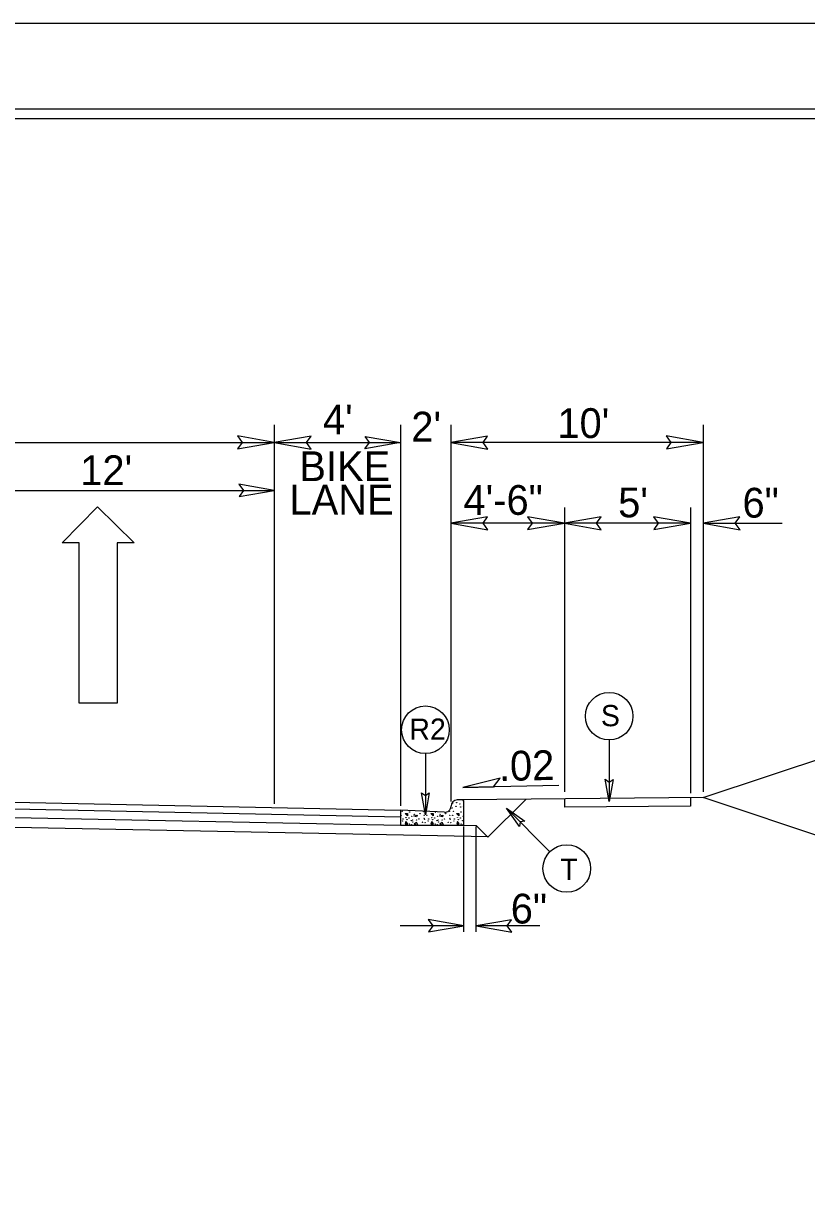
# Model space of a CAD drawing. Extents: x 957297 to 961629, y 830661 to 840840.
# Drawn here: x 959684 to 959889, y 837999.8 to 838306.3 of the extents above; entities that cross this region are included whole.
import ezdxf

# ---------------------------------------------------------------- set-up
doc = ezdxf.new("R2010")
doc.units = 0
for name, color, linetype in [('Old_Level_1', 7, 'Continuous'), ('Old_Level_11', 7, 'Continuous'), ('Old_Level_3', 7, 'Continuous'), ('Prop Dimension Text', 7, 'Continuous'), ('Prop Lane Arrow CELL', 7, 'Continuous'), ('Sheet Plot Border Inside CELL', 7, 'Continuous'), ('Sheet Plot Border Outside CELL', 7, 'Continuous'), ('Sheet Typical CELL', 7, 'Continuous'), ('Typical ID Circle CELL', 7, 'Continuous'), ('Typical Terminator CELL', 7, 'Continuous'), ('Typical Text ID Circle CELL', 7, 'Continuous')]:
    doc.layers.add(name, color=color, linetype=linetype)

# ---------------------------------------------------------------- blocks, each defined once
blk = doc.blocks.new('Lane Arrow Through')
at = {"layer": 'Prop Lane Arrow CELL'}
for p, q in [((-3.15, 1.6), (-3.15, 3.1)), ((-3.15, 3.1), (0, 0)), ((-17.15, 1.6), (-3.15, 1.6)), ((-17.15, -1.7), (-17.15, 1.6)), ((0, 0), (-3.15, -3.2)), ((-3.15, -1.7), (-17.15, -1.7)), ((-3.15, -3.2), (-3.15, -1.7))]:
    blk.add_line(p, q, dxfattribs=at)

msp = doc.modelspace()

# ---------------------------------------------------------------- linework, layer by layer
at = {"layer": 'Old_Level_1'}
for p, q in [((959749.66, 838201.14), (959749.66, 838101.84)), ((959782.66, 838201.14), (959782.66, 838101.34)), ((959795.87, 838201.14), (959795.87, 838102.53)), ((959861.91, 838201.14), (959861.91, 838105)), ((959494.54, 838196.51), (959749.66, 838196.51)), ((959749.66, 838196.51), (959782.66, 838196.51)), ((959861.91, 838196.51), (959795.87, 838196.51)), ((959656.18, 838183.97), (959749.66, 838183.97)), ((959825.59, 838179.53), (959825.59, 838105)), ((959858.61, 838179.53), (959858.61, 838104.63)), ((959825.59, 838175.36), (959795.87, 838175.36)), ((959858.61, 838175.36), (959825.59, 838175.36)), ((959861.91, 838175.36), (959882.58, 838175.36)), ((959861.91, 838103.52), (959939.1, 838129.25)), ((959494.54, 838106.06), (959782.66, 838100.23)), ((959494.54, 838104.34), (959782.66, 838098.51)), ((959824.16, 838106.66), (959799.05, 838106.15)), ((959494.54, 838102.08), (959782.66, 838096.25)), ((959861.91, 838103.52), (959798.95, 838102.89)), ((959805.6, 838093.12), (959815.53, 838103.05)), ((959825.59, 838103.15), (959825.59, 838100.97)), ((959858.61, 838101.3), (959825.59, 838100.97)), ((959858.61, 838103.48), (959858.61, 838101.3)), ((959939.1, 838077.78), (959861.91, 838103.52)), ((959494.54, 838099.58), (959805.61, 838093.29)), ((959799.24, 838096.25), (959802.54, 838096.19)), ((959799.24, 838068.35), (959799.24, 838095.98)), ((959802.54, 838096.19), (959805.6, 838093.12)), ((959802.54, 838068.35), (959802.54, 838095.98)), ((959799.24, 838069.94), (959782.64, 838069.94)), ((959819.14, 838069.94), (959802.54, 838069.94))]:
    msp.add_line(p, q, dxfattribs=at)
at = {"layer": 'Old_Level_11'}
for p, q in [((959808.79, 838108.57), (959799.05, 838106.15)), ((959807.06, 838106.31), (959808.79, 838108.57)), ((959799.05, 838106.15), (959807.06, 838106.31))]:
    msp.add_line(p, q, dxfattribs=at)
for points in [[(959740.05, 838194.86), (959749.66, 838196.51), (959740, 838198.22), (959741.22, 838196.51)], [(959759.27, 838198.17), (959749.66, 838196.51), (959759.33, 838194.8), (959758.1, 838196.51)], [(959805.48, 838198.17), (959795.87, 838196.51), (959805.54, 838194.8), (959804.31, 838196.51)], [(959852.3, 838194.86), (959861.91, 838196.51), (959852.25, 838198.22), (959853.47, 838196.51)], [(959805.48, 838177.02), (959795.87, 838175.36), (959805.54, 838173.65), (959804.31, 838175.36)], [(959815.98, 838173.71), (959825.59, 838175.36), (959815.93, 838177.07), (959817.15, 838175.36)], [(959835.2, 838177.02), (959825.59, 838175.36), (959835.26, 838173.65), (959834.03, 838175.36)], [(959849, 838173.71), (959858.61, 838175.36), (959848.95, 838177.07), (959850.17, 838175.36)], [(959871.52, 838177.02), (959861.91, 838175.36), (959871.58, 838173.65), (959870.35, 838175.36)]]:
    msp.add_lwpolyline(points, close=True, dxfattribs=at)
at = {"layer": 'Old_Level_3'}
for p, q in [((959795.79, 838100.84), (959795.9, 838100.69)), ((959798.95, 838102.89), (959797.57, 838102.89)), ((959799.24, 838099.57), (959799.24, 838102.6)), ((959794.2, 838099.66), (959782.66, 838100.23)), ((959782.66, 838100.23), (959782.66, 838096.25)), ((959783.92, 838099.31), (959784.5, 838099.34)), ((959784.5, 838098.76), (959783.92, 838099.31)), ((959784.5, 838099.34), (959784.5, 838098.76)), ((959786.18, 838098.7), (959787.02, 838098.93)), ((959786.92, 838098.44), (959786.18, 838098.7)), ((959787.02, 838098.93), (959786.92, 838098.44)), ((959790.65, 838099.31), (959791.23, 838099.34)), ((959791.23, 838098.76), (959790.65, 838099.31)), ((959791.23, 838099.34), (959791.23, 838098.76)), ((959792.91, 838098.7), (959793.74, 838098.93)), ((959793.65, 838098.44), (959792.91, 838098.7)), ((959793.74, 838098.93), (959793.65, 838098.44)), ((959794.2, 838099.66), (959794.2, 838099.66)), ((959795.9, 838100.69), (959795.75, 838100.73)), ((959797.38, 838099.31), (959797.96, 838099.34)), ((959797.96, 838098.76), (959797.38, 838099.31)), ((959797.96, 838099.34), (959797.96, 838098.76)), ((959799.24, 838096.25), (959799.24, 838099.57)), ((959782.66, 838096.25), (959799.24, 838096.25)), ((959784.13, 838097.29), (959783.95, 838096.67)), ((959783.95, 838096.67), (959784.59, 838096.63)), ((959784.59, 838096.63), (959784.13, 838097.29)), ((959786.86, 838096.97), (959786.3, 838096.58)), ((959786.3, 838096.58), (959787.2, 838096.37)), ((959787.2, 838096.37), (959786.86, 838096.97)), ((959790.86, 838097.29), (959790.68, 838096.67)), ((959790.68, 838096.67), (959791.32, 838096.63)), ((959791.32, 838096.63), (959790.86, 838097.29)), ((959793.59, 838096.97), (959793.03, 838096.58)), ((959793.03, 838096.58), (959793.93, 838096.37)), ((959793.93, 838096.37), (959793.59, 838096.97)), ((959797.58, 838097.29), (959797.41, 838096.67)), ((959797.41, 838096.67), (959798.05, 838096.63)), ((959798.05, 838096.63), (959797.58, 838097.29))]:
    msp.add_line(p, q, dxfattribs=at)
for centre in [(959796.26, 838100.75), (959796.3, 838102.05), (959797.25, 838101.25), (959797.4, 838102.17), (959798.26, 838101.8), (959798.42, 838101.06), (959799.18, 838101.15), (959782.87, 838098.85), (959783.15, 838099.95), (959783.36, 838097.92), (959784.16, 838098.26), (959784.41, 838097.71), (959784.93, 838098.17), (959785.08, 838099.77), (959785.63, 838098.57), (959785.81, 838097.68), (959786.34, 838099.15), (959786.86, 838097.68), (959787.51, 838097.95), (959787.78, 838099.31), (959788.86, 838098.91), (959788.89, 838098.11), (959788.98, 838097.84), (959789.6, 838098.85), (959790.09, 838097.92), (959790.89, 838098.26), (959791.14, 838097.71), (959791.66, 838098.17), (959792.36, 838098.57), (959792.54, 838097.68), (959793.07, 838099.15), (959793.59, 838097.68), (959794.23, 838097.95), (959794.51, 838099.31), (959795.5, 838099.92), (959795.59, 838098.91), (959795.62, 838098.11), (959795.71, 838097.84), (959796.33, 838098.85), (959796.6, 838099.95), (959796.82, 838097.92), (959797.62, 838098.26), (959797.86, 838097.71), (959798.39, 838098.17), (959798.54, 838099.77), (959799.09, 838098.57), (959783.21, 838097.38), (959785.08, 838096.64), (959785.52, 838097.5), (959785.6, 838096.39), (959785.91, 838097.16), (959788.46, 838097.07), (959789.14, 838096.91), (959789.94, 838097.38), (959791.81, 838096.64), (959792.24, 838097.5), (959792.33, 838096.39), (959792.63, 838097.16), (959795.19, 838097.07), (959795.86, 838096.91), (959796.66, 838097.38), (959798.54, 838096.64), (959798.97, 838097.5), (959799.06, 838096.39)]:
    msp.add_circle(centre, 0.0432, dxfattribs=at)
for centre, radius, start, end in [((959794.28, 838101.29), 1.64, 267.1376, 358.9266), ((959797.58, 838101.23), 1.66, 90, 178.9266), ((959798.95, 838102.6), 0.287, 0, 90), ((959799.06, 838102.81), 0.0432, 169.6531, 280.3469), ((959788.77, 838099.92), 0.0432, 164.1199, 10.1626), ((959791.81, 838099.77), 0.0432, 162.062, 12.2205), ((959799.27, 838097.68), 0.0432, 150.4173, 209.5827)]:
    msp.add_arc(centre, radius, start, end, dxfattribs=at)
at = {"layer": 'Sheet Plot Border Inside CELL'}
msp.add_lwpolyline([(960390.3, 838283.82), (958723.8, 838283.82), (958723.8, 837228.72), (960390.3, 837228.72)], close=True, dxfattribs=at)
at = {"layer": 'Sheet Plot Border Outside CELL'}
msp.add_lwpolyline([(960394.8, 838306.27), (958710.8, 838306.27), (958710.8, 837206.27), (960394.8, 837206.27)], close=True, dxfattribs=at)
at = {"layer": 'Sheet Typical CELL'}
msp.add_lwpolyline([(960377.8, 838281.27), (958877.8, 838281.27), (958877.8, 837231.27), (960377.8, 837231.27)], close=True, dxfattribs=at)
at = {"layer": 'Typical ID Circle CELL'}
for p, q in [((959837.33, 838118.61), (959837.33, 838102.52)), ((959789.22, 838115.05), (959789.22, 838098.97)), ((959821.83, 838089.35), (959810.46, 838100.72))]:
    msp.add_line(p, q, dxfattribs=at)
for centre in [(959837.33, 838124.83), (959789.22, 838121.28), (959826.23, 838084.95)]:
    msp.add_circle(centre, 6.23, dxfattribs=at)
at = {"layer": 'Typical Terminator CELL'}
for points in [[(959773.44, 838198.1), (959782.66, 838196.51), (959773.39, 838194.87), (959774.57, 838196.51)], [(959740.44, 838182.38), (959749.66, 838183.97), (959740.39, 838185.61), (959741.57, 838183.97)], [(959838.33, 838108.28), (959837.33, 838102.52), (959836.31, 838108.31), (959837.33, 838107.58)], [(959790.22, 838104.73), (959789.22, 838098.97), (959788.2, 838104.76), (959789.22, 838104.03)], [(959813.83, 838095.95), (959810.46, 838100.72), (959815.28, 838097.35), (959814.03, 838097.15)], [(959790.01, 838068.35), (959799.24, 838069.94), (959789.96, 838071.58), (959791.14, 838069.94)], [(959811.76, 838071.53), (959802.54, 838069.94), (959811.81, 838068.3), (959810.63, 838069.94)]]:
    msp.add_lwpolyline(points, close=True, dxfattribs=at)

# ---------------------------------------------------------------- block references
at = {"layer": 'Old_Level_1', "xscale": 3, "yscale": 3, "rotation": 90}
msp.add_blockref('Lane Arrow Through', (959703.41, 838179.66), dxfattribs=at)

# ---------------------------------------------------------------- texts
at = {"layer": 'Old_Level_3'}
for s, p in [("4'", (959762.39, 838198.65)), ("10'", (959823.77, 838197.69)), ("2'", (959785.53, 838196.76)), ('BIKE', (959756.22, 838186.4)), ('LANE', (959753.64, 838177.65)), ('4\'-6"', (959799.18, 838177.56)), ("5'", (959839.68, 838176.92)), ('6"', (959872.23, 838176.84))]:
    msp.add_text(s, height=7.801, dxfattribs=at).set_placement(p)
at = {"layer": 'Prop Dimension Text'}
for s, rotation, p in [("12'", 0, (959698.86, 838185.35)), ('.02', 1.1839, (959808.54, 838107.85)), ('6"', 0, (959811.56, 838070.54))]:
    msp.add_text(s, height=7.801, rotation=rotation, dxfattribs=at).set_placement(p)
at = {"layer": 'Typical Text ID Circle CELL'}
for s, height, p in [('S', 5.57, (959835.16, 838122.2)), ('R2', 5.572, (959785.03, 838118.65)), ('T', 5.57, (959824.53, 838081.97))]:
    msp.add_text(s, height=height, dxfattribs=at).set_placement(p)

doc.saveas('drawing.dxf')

-----

PROBLEM TO SOLVE: Copy every single line of the material above that holds "height".

WRITTEN RESPONSE:
    msp.add_text(s, height=7.801, dxfattribs=at).set_placement(p)
    msp.add_text(s, height=7.801, rotation=rotation, dxfattribs=at).set_placement(p)
for s, height, p in [('S', 5.57, (959835.16, 838122.2)), ('R2', 5.572, (959785.03, 838118.65)), ('T', 5.57, (959824.53, 838081.97))]:
    msp.add_text(s, height=height, dxfattribs=at).set_placement(p)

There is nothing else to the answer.